(Saved entries)
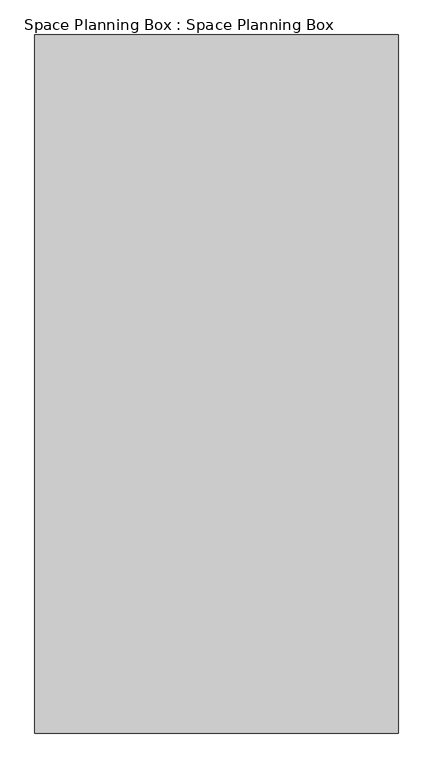
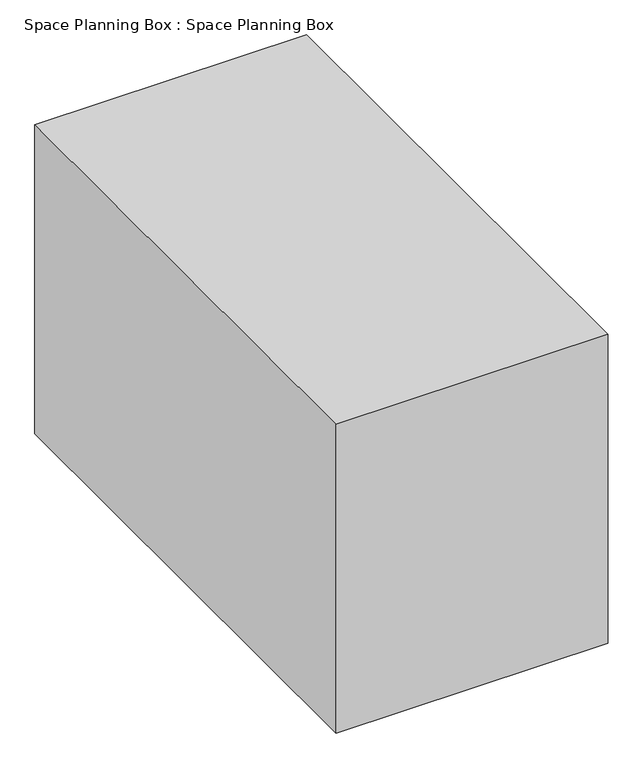
"""IFC4 building model written with IfcOpenShell, lengths in millimetres: proxy geometry, Space Planning Box : Space Planning Box."""

from ifc_helpers import new_model, si_unit, origin, origin_with_axes, place, context, project, spatial, polyline, outline, extrude, source, transform, mapped, element, save


def space_planning_box_space_planning_box_7902148a(model_context):
    return source(origin(), model_context, "Body", "SweptSolid", [
        extrude(outline(polyline([(2500.0, 4800.0), (2500.0, -4800.0), (-2500.0, -4800.0), (-2500.0, 4800.0), (2500.0, 4800.0)])), origin_with_axes(), (0.0, 0.0, 1.0), 6000.0),
    ])


if __name__ == "__main__":
    model = new_model("IFC4")
    model_context = context("Model", 3, world=origin())
    ifc_project = project(units=[si_unit("LENGTHUNIT", "METRE", prefix="MILLI")], contexts=[model_context])
    site = spatial("IfcSite", under=ifc_project)
    building = spatial("IfcBuilding", under=site)
    placement = place(None, origin())
    space_planning_box_space_planning_box_shape = space_planning_box_space_planning_box_7902148a(model_context)
    element("IfcBuildingElementProxy", 1, Name="Space Planning Box : Space Planning Box", ObjectType="Space Planning Box : Space Planning Box", at=placement, inside=building, context=model_context, shape_type="MappedRepresentation", body=[
        mapped(space_planning_box_space_planning_box_shape, transform((0.0, 0.0, 0.0), x_axis=(1.0, 0.0, 0.0), y_axis=(0.0, 1.0, 0.0), z_axis=(0.0, 0.0, 1.0))),
    ])
    save(model, "model.ifc")

# Revit data of these elements
# Type "Space Planning Box : Space Planning Box"
#   Type Comments = "..."
#   Room Name [instance default] = "?"
#   Assembly Code = "..."
#   Width [instance default] = 1524 mm
#   Program Area [instance default] = 0 m²
#   Length [instance default] = 1524 mm
#   Height [instance default] = 1524 mm
#   Area [instance default] = 2.32258 m²
#   Fill Color [instance default] = Cyan
#   Default Elevation = 0
# Element 1 (IfcBuildingElementProxy, "Space Planning Box : Space Planning Box")
#   Room Name = "Document Room"
#   Width = 5000 mm
#   Program Area = 48 m²
#   Length = 9600 mm
#   Height = 6000 mm
#   Area = 48 m²
#   Fill Color = Lavender
#   Materials on its faces: "Lavender"
# Materials
#   "Cyan": class "Generic", colour RGB 0 255 255, transparency 0.2, Cost = 0
#   "Lavender": class "Generic", colour RGB 186 85 211, transparency 0.2, Cost = 0
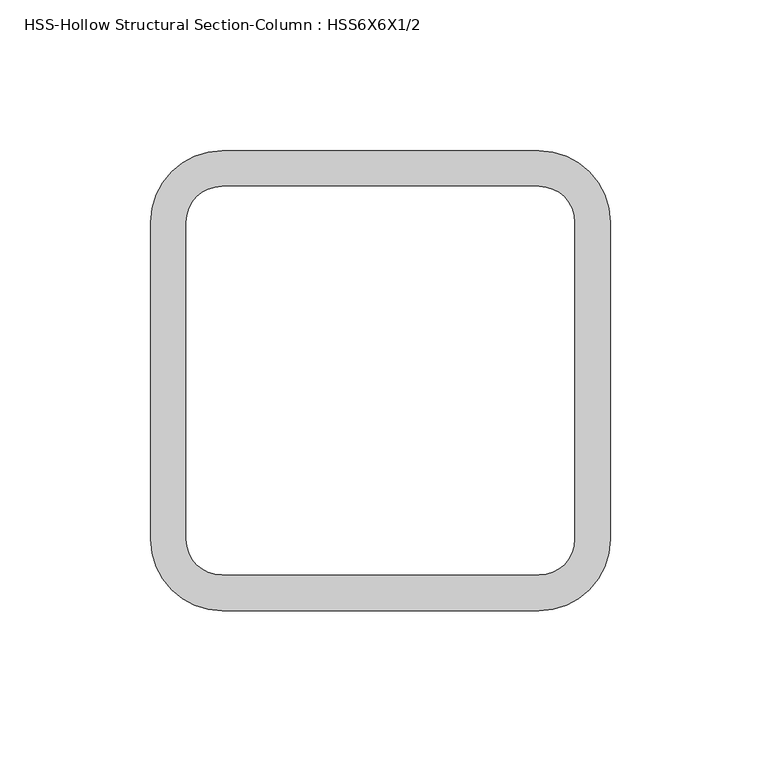
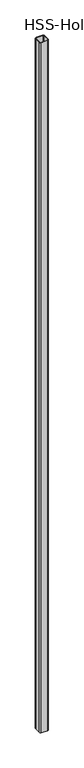
"""IFC4 building model written with IfcOpenShell, lengths in millimetres: column geometry, HSS-Hollow Structural Section-Column : HSS6X6X1/2."""

from ifc_helpers import new_model, si_unit, point, frame_2d, origin, origin_with_axes, place, context, project, spatial, polyline, circle_curve, trimmed, segment, composite_curve, outline, extrude, source, transform, mapped, element, save


def hss_hollow_structural_section_column_hss6x6x1_2_17b669b7(model_context):
    return source(origin(), model_context, "Body", "SweptSolid", [
        extrude(outline(composite_curve([segment(trimmed(circle_curve(frame_2d((52.578, 52.578)), 23.622), [point((52.578, 76.2))], [point((76.2, 52.578))], False, "CARTESIAN"), True, "CONTINUOUS"), segment(polyline([(76.2, 52.578), (76.2, -52.578)]), True, "CONTINUOUS"), segment(trimmed(circle_curve(frame_2d((52.578, -52.578)), 23.622), [point((76.2, -52.578))], [point((52.578, -76.2))], False, "CARTESIAN"), True, "CONTINUOUS"), segment(polyline([(52.578, -76.2), (-52.578, -76.2)]), True, "CONTINUOUS"), segment(trimmed(circle_curve(frame_2d((-52.578, -52.578)), 23.622), [point((-52.578, -76.2))], [point((-76.2, -52.578))], False, "CARTESIAN"), True, "CONTINUOUS"), segment(polyline([(-76.2, -52.578), (-76.2, 52.578)]), True, "CONTINUOUS"), segment(trimmed(circle_curve(frame_2d((-52.578, 52.578)), 23.622), [point((-76.2, 52.578))], [point((-52.578, 76.2))], False, "CARTESIAN"), True, "CONTINUOUS"), segment(polyline([(-52.578, 76.2), (52.578, 76.2)]), True, "CONTINUOUS")], self_intersect=False), holes=[composite_curve([segment(polyline([(52.578, 64.389), (-52.578, 64.389)]), True, "CONTINUOUS"), segment(trimmed(circle_curve(frame_2d((-52.578, 52.578)), 11.811), [point((-52.578, 64.389))], [point((-64.389, 52.578))], True, "CARTESIAN"), True, "CONTINUOUS"), segment(polyline([(-64.389, 52.578), (-64.389, -52.578)]), True, "CONTINUOUS"), segment(trimmed(circle_curve(frame_2d((-52.578, -52.578)), 11.811), [point((-64.389, -52.578))], [point((-52.578, -64.389))], True, "CARTESIAN"), True, "CONTINUOUS"), segment(polyline([(-52.578, -64.389), (52.578, -64.389)]), True, "CONTINUOUS"), segment(trimmed(circle_curve(frame_2d((52.578, -52.578)), 11.811), [point((52.578, -64.389))], [point((64.389, -52.578))], True, "CARTESIAN"), True, "CONTINUOUS"), segment(polyline([(64.389, -52.578), (64.389, 52.578)]), True, "CONTINUOUS"), segment(trimmed(circle_curve(frame_2d((52.578, 52.578)), 11.811), [point((64.389, 52.578))], [point((52.578, 64.389))], True, "CARTESIAN"), True, "CONTINUOUS")], self_intersect=False)]), origin_with_axes(), (0.0, 0.0, 1.0), 12446.0),
    ])


if __name__ == "__main__":
    model = new_model("IFC4")
    model_context = context("Model", 3, world=origin())
    ifc_project = project(units=[si_unit("LENGTHUNIT", "METRE", prefix="MILLI")], contexts=[model_context])
    site = spatial("IfcSite", under=ifc_project)
    building = spatial("IfcBuilding", under=site)
    placement = place(None, origin())
    hss_hollow_structural_section_column_hss6x6x1_2_shape = hss_hollow_structural_section_column_hss6x6x1_2_17b669b7(model_context)
    element("IfcColumn", 1, ObjectType="HSS-Hollow Structural Section-Column : HSS6X6X1/2", at=placement, inside=building, context=model_context, shape_type="MappedRepresentation", body=[
        mapped(hss_hollow_structural_section_column_hss6x6x1_2_shape, transform((0.0, 0.0, 0.0), x_axis=(1.0, 0.0, 0.0), y_axis=(0.0, 1.0, 0.0), z_axis=(0.0, 0.0, 1.0))),
    ])
    save(model, "model.ifc")

# Revit data of these elements
# Type "HSS-Hollow Structural Section-Column : HSS6X6X1/2"
#   Assembly Code = "B10"
#   Shape = "Square"
#   W = 35.1
#   Ht = 0' - 6"
#   b = 0' - 6"
#   kr = 0' - 0.93"
#   t = 0' - 0.465"
#   A = 0.0676389 SF
#   Structural Material [instance default] = Steel ASTM A500, Grade B, Rectangular and Square
# Element 1 (IfcColumn, "HSS-Hollow Structural Section-Column : HSS6X6X1/2")
#   Materials on its faces: "Steel ASTM A500, Grade B, Rectangular and Square"
# Materials
#   "Steel ASTM A500, Grade B, Rectangular and Square": class "Metal", colour RGB 199 199 199, transparency 0, Description = "Carbon steel", Cost = 0

_Problem_. Every record above should be set down exactly, with the pictures left out.

_Solution to the problem_.
"""IFC4 building model written with IfcOpenShell, lengths in millimetres: proxy geometry, Space Planning Box : Space Planning Box."""

from ifc_helpers import new_model, si_unit, origin, origin_with_axes, place, context, project, spatial, polyline, outline, extrude, source, transform, mapped, element, save


def space_planning_box_space_planning_box_7902148a(model_context):
    return source(origin(), model_context, "Body", "SweptSolid", [
        extrude(outline(polyline([(2500.0, 4800.0), (2500.0, -4800.0), (-2500.0, -4800.0), (-2500.0, 4800.0), (2500.0, 4800.0)])), origin_with_axes(), (0.0, 0.0, 1.0), 6000.0),
    ])


if __name__ == "__main__":
    model = new_model("IFC4")
    model_context = context("Model", 3, world=origin())
    ifc_project = project(units=[si_unit("LENGTHUNIT", "METRE", prefix="MILLI")], contexts=[model_context])
    site = spatial("IfcSite", under=ifc_project)
    building = spatial("IfcBuilding", under=site)
    placement = place(None, origin())
    space_planning_box_space_planning_box_shape = space_planning_box_space_planning_box_7902148a(model_context)
    element("IfcBuildingElementProxy", 1, Name="Space Planning Box : Space Planning Box", ObjectType="Space Planning Box : Space Planning Box", at=placement, inside=building, context=model_context, shape_type="MappedRepresentation", body=[
        mapped(space_planning_box_space_planning_box_shape, transform((0.0, 0.0, 0.0), x_axis=(1.0, 0.0, 0.0), y_axis=(0.0, 1.0, 0.0), z_axis=(0.0, 0.0, 1.0))),
    ])
    save(model, "model.ifc")

# Revit data of these elements
# Type "Space Planning Box : Space Planning Box"
#   Type Comments = "..."
#   Room Name [instance default] = "?"
#   Assembly Code = "..."
#   Width [instance default] = 1524 mm
#   Program Area [instance default] = 0 m²
#   Length [instance default] = 1524 mm
#   Height [instance default] = 1524 mm
#   Area [instance default] = 2.32258 m²
#   Fill Color [instance default] = Cyan
#   Default Elevation = 0
# Element 1 (IfcBuildingElementProxy, "Space Planning Box : Space Planning Box")
#   Room Name = "Document Room"
#   Width = 5000 mm
#   Program Area = 48 m²
#   Length = 9600 mm
#   Height = 6000 mm
#   Area = 48 m²
#   Fill Color = Lavender
#   Materials on its faces: "Lavender"
# Materials
#   "Cyan": class "Generic", colour RGB 0 255 255, transparency 0.2, Cost = 0
#   "Lavender": class "Generic", colour RGB 186 85 211, transparency 0.2, Cost = 0
"""IFC4 building model written with IfcOpenShell, lengths in millimetres: column geometry, HSS-Hollow Structural Section-Column : HSS6X6X1/2."""

from ifc_helpers import new_model, si_unit, point, frame_2d, origin, origin_with_axes, place, context, project, spatial, polyline, circle_curve, trimmed, segment, composite_curve, outline, extrude, source, transform, mapped, element, save


def hss_hollow_structural_section_column_hss6x6x1_2_17b669b7(model_context):
    return source(origin(), model_context, "Body", "SweptSolid", [
        extrude(outline(composite_curve([segment(trimmed(circle_curve(frame_2d((52.578, 52.578)), 23.622), [point((52.578, 76.2))], [point((76.2, 52.578))], False, "CARTESIAN"), True, "CONTINUOUS"), segment(polyline([(76.2, 52.578), (76.2, -52.578)]), True, "CONTINUOUS"), segment(trimmed(circle_curve(frame_2d((52.578, -52.578)), 23.622), [point((76.2, -52.578))], [point((52.578, -76.2))], False, "CARTESIAN"), True, "CONTINUOUS"), segment(polyline([(52.578, -76.2), (-52.578, -76.2)]), True, "CONTINUOUS"), segment(trimmed(circle_curve(frame_2d((-52.578, -52.578)), 23.622), [point((-52.578, -76.2))], [point((-76.2, -52.578))], False, "CARTESIAN"), True, "CONTINUOUS"), segment(polyline([(-76.2, -52.578), (-76.2, 52.578)]), True, "CONTINUOUS"), segment(trimmed(circle_curve(frame_2d((-52.578, 52.578)), 23.622), [point((-76.2, 52.578))], [point((-52.578, 76.2))], False, "CARTESIAN"), True, "CONTINUOUS"), segment(polyline([(-52.578, 76.2), (52.578, 76.2)]), True, "CONTINUOUS")], self_intersect=False), holes=[composite_curve([segment(polyline([(52.578, 64.389), (-52.578, 64.389)]), True, "CONTINUOUS"), segment(trimmed(circle_curve(frame_2d((-52.578, 52.578)), 11.811), [point((-52.578, 64.389))], [point((-64.389, 52.578))], True, "CARTESIAN"), True, "CONTINUOUS"), segment(polyline([(-64.389, 52.578), (-64.389, -52.578)]), True, "CONTINUOUS"), segment(trimmed(circle_curve(frame_2d((-52.578, -52.578)), 11.811), [point((-64.389, -52.578))], [point((-52.578, -64.389))], True, "CARTESIAN"), True, "CONTINUOUS"), segment(polyline([(-52.578, -64.389), (52.578, -64.389)]), True, "CONTINUOUS"), segment(trimmed(circle_curve(frame_2d((52.578, -52.578)), 11.811), [point((52.578, -64.389))], [point((64.389, -52.578))], True, "CARTESIAN"), True, "CONTINUOUS"), segment(polyline([(64.389, -52.578), (64.389, 52.578)]), True, "CONTINUOUS"), segment(trimmed(circle_curve(frame_2d((52.578, 52.578)), 11.811), [point((64.389, 52.578))], [point((52.578, 64.389))], True, "CARTESIAN"), True, "CONTINUOUS")], self_intersect=False)]), origin_with_axes(), (0.0, 0.0, 1.0), 12446.0),
    ])


if __name__ == "__main__":
    model = new_model("IFC4")
    model_context = context("Model", 3, world=origin())
    ifc_project = project(units=[si_unit("LENGTHUNIT", "METRE", prefix="MILLI")], contexts=[model_context])
    site = spatial("IfcSite", under=ifc_project)
    building = spatial("IfcBuilding", under=site)
    placement = place(None, origin())
    hss_hollow_structural_section_column_hss6x6x1_2_shape = hss_hollow_structural_section_column_hss6x6x1_2_17b669b7(model_context)
    element("IfcColumn", 1, ObjectType="HSS-Hollow Structural Section-Column : HSS6X6X1/2", at=placement, inside=building, context=model_context, shape_type="MappedRepresentation", body=[
        mapped(hss_hollow_structural_section_column_hss6x6x1_2_shape, transform((0.0, 0.0, 0.0), x_axis=(1.0, 0.0, 0.0), y_axis=(0.0, 1.0, 0.0), z_axis=(0.0, 0.0, 1.0))),
    ])
    save(model, "model.ifc")

# Revit data of these elements
# Type "HSS-Hollow Structural Section-Column : HSS6X6X1/2"
#   Assembly Code = "B10"
#   Shape = "Square"
#   W = 35.1
#   Ht = 0' - 6"
#   b = 0' - 6"
#   kr = 0' - 0.93"
#   t = 0' - 0.465"
#   A = 0.0676389 SF
#   Structural Material [instance default] = Steel ASTM A500, Grade B, Rectangular and Square
# Element 1 (IfcColumn, "HSS-Hollow Structural Section-Column : HSS6X6X1/2")
#   Materials on its faces: "Steel ASTM A500, Grade B, Rectangular and Square"
# Materials
#   "Steel ASTM A500, Grade B, Rectangular and Square": class "Metal", colour RGB 199 199 199, transparency 0, Description = "Carbon steel", Cost = 0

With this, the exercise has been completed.